Hie and Kim tested their new model in the lab by attempting to improve a COVID-19 antibody that had been discontinued due to poor performance against the Omicron variant. Previous attempts to optimize this antibody with machine learning had only led to a modest two-fold improvement, convincing many that it wasn’t worth further effort. Hie’s model, however, didn’t just succeed—it led to a 25-fold improvement against Omicron.
Since then, other scientists have been eager to apply Hie’s model to their own research. Gao has used it to improve a protein with potential therapeutic applications for genetic disorders. While many computational protein models have high technical barriers that limit their accessibility, Hie’s is notably user-friendly. “All it takes is to run a few lines of code,” Gao says.
Modeling evolution on an epic scale
For Hie, who had formative experiences at Stanford as both an undergraduate and a Stanford Science Fellow, the decision to join the faculty was an easy one.
“Stanford has experts in everything from computer science to biology to Renaissance literature. And Stanford encourages collaboration—it’s part of the culture,” says Hie. “It’s intellectually rich and diverse but also deeply specialized.”
As one of SDS’s first joint hires with the School of Engineering, Hie now leads the Evolutionary Design Lab, where he continues developing tools to predict and respond to pathogen evolution. This joint appointment allows him to pursue interdisciplinary research without being confined to the traditional silos of data scientist or chemical engineer, enabling him to blend approaches from both fields to address complex biological challenges.
Most breakthroughs at the intersection of machine learning and biology have focused on individual molecules, such as proteins. But as Hie points out, the complexity of a single cell is orders of magnitude greater than that of any one molecule.
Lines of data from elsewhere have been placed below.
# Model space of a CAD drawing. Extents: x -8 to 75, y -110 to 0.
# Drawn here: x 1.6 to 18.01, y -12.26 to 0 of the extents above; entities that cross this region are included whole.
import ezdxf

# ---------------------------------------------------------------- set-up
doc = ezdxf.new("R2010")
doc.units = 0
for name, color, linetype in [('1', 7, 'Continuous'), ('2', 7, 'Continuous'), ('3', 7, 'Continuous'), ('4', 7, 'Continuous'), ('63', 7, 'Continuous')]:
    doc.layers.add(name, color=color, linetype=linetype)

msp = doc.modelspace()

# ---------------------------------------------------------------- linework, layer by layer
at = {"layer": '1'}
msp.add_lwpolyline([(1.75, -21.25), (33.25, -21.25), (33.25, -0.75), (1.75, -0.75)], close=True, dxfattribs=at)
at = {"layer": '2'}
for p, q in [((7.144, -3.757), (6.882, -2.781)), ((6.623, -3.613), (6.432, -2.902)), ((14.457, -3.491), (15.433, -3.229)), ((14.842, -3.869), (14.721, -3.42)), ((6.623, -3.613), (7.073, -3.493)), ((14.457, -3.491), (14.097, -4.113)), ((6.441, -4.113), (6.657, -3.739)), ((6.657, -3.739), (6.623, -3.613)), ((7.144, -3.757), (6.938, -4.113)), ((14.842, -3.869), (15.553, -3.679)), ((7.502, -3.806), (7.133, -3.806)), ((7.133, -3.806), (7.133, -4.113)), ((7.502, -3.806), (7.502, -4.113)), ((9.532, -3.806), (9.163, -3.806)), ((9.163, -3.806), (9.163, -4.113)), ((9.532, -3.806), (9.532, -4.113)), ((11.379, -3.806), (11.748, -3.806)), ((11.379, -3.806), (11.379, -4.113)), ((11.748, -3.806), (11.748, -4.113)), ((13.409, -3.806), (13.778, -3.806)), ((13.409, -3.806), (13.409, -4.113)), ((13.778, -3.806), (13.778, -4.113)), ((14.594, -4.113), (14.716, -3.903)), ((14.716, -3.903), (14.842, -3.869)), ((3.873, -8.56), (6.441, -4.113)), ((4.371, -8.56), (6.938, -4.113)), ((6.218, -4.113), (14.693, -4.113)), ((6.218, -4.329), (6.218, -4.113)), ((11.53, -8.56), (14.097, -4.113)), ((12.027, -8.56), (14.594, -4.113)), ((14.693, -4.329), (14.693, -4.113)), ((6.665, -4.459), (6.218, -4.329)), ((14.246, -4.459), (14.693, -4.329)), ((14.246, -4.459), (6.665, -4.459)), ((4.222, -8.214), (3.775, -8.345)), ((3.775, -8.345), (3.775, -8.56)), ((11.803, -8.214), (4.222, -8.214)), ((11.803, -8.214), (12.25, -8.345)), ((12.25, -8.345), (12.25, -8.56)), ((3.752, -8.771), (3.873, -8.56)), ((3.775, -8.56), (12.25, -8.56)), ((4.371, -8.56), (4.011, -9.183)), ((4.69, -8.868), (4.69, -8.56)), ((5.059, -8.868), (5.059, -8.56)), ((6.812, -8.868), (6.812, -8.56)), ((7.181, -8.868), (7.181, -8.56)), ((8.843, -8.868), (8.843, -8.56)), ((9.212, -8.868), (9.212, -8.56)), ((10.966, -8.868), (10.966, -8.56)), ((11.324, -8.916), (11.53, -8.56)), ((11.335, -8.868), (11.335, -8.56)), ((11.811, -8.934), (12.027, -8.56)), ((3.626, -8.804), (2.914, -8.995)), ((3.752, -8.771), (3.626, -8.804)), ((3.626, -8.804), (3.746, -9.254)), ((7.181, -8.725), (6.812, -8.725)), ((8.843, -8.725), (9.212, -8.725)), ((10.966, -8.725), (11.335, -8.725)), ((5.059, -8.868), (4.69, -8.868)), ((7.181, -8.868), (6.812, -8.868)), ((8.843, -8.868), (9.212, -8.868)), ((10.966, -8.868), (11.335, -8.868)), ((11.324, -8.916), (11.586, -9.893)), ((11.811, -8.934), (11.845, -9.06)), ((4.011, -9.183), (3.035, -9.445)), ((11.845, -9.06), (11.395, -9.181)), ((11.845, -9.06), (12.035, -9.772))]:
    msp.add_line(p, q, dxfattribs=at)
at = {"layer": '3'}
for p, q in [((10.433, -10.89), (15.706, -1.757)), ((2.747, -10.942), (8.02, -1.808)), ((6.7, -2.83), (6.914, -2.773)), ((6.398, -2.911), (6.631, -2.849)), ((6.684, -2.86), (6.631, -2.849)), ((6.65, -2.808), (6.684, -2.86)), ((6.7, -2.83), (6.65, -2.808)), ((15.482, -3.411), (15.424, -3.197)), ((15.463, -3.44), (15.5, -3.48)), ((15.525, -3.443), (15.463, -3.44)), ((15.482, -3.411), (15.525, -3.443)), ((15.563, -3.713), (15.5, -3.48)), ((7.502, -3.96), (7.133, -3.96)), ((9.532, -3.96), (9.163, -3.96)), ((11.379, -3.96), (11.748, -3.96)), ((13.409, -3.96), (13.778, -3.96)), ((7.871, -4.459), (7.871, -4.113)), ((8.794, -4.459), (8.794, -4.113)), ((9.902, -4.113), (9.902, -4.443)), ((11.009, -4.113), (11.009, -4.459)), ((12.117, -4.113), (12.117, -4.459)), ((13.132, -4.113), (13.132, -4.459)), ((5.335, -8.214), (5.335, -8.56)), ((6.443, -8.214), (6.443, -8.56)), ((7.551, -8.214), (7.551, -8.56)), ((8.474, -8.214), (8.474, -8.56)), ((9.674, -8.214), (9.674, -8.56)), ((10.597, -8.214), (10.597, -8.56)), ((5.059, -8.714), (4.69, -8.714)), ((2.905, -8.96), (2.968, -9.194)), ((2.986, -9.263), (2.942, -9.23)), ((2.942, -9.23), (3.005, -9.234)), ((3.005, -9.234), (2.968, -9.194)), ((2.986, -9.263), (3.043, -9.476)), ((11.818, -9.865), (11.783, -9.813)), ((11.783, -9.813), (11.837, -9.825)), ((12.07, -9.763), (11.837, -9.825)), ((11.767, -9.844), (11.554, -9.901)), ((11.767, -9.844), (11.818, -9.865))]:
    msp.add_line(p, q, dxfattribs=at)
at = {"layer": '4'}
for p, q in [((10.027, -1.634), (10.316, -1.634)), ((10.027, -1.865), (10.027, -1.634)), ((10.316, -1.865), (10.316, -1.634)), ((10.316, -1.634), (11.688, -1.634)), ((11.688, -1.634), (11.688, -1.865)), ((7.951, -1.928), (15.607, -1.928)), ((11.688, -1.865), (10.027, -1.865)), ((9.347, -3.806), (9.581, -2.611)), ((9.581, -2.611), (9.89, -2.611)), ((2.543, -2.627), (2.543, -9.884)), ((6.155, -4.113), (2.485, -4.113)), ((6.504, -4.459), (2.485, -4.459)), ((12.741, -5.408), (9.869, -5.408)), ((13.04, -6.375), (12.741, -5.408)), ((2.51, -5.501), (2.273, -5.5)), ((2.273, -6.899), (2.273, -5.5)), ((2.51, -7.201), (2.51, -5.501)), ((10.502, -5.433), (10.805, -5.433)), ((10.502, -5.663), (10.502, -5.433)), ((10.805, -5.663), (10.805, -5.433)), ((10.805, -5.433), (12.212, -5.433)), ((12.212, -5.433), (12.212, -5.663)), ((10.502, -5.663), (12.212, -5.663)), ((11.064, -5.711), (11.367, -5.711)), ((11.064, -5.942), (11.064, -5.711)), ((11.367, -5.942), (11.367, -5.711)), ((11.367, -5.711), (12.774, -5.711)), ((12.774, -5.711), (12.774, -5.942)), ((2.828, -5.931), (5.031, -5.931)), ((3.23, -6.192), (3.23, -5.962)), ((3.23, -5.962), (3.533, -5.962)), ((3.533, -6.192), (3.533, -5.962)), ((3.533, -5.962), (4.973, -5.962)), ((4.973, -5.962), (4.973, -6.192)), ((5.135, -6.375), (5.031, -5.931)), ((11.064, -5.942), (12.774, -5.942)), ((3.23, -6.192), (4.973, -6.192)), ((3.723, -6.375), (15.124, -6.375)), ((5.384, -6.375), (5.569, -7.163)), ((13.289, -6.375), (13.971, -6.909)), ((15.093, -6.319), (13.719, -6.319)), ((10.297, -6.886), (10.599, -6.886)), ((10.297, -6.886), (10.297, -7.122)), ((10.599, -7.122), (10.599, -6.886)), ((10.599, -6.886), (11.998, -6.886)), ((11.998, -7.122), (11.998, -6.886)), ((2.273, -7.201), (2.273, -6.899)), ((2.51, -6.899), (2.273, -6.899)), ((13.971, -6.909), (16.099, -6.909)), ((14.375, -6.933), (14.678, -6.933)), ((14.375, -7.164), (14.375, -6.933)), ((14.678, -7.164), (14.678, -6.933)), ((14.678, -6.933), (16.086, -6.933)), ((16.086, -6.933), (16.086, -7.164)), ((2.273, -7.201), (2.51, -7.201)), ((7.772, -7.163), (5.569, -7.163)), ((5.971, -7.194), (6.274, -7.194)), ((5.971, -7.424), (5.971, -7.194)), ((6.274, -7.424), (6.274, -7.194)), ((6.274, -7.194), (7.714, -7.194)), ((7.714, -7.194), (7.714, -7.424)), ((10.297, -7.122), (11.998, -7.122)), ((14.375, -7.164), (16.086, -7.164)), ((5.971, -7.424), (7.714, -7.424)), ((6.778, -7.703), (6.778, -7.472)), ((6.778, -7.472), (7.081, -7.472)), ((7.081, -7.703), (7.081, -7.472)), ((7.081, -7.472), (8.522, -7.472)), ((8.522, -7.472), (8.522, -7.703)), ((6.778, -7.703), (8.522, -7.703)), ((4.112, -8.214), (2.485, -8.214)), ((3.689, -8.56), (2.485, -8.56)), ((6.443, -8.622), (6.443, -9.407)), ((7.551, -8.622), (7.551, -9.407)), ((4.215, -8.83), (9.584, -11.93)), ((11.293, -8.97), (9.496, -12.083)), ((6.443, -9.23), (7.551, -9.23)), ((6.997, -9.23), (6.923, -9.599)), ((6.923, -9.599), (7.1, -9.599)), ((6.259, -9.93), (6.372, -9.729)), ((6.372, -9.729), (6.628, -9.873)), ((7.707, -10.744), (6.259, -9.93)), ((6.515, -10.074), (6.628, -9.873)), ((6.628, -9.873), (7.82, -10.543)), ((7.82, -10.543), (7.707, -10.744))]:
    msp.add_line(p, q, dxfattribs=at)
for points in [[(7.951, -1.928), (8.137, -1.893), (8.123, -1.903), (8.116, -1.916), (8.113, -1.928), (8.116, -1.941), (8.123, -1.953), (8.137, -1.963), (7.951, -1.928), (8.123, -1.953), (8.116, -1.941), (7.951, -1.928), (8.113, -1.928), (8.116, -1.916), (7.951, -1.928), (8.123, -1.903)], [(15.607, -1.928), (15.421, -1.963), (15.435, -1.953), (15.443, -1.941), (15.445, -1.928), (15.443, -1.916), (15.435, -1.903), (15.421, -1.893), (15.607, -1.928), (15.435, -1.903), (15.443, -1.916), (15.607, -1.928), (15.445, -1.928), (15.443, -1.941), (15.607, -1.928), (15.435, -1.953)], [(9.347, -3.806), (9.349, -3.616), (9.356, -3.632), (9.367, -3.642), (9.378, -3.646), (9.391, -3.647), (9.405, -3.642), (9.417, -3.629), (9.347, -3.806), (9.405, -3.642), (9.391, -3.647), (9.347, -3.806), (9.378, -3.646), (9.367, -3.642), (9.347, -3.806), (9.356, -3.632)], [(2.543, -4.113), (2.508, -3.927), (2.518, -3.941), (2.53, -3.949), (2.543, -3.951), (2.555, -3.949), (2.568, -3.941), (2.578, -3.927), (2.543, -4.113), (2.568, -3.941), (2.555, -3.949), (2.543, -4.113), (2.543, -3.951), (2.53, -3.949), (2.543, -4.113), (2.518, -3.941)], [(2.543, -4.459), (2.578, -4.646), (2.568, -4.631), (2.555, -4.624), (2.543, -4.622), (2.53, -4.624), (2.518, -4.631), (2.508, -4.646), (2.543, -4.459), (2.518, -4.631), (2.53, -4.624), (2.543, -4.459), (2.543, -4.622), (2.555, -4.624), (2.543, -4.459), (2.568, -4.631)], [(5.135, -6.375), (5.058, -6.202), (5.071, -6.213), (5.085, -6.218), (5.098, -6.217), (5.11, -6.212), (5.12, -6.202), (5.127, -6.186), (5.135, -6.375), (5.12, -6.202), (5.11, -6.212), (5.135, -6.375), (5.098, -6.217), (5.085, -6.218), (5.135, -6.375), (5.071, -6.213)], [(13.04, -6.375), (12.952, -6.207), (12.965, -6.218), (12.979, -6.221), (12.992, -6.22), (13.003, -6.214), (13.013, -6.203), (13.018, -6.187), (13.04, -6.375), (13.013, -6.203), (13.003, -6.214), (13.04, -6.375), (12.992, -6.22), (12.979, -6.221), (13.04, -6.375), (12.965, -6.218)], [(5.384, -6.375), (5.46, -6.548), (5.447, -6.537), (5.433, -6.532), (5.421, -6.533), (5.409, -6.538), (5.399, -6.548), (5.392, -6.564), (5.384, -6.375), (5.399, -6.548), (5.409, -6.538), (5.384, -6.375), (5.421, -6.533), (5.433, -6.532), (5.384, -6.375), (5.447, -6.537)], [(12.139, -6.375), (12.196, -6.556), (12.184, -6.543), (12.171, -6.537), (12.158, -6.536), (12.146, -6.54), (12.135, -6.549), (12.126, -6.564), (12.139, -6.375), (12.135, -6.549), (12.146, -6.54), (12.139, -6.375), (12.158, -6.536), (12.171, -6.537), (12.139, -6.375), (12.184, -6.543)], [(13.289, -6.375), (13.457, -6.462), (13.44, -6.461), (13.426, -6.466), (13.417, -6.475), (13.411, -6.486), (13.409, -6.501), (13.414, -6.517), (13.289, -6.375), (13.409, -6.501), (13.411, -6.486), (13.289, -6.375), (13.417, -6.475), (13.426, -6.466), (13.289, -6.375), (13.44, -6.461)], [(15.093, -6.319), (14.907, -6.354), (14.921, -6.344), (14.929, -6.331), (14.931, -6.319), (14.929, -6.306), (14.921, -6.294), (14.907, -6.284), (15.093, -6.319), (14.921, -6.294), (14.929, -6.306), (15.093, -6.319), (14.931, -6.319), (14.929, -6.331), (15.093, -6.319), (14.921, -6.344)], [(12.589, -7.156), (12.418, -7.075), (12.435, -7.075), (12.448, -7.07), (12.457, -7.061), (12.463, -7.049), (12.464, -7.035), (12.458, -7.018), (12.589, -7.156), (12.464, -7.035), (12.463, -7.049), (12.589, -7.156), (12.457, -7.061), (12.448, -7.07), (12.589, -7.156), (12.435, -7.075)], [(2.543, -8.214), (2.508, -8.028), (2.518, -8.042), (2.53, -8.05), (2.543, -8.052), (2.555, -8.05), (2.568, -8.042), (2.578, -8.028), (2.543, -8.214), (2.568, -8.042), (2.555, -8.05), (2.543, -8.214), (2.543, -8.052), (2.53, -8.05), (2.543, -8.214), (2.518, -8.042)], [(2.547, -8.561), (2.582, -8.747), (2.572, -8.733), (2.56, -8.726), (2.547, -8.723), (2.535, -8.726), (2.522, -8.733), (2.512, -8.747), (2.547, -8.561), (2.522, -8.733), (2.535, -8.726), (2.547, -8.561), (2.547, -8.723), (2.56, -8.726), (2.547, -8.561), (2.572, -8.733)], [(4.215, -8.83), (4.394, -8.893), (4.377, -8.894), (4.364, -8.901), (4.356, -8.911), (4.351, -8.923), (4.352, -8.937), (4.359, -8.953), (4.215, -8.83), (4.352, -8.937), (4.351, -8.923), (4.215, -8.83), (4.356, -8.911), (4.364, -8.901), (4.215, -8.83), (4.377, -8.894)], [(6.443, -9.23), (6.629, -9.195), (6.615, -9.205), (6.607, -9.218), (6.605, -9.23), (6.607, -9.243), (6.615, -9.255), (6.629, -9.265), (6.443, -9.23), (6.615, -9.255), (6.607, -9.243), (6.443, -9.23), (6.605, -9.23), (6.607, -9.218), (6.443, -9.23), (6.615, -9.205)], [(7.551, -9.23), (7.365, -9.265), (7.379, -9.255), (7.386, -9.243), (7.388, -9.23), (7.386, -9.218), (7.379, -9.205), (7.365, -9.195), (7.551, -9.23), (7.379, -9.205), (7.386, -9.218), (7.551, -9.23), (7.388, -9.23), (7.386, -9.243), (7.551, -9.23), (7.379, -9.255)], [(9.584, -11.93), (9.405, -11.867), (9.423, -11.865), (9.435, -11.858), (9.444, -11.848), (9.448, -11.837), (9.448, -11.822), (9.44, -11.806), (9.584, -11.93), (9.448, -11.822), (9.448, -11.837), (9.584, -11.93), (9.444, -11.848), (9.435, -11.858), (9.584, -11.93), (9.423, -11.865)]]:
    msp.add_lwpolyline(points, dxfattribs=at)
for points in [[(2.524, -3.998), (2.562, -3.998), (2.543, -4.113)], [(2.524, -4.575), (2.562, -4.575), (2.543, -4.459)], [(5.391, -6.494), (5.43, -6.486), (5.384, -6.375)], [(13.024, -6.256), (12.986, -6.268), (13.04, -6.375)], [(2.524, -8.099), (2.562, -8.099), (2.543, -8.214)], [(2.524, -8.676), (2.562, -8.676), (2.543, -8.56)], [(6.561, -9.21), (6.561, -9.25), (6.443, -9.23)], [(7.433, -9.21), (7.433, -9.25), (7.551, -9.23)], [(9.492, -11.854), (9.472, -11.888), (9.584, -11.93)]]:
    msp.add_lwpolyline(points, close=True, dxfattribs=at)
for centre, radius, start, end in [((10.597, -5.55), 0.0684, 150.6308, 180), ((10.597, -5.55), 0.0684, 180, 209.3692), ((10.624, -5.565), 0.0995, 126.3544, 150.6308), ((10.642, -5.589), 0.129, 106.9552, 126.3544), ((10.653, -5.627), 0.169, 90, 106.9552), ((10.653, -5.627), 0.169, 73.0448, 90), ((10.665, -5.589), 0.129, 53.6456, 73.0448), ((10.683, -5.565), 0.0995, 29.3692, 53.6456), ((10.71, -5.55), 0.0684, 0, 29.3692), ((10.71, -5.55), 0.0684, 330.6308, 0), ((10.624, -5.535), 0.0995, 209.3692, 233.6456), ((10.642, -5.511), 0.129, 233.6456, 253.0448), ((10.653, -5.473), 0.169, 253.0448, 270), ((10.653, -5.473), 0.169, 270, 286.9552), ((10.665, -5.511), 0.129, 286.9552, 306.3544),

With this in mind, he developed Evo, a genomic-scale foundation model that goes beyond proteins to include DNA, RNA, and systems where all three interact.
“Most biological functions involve multiple molecules working together, so we’re trying to model that complexity,” explains Hie.
“The lines between fields are blurring,and when you bring in people who are comfortable working across those boundaries, that’s where a lot of new science originates.”Chris Mentzel
While there is more work ahead, Evo holds the potential to revolutionize our understanding of diseases, enable personalized medicine tailored to individual genomes, directly target cancer cells, and accelerate the discovery of new drugs.
“If we could design complex molecular systems, we could reprogram cells to restore them to a healthy state rather than treating single proteins in isolation, which is a bit like playing Whac-A-Mole,” Hie says. “We could engineer biological systems to capture carbon more efficiently. There are also applications in biomanufacturing, like producing drugs, artificial blood, or breast milk.”
Hie, for his part, is characteristically droll about the breadth of his work. “A lot of things are made of molecules,” he notes.
To help scientists create stronger, more effective medicines in response to evolving pathogens, Hie has made his models and their code freely available—and he’s already begun to see the reproducible benefits of his approach.
“I’ve given talks at pharmaceutical companies, and sometimes a researcher will come up to me and say, ‘We used your approach to improve our antibody, and it worked,’ which is really gratifying,” he says.
In the long term, Hie’s goal is simple: “The potential to help people is what drives me.” But on a day-to-day basis, he’s fueled by something else: “It’s really fun,” he says, explaining that his ideal day involves switching between machine learning challenges, engineering problems, wet lab experiments, and statistical analyses. And if there’s time for one more challenge, he’ll read a bit of Renaissance poetry.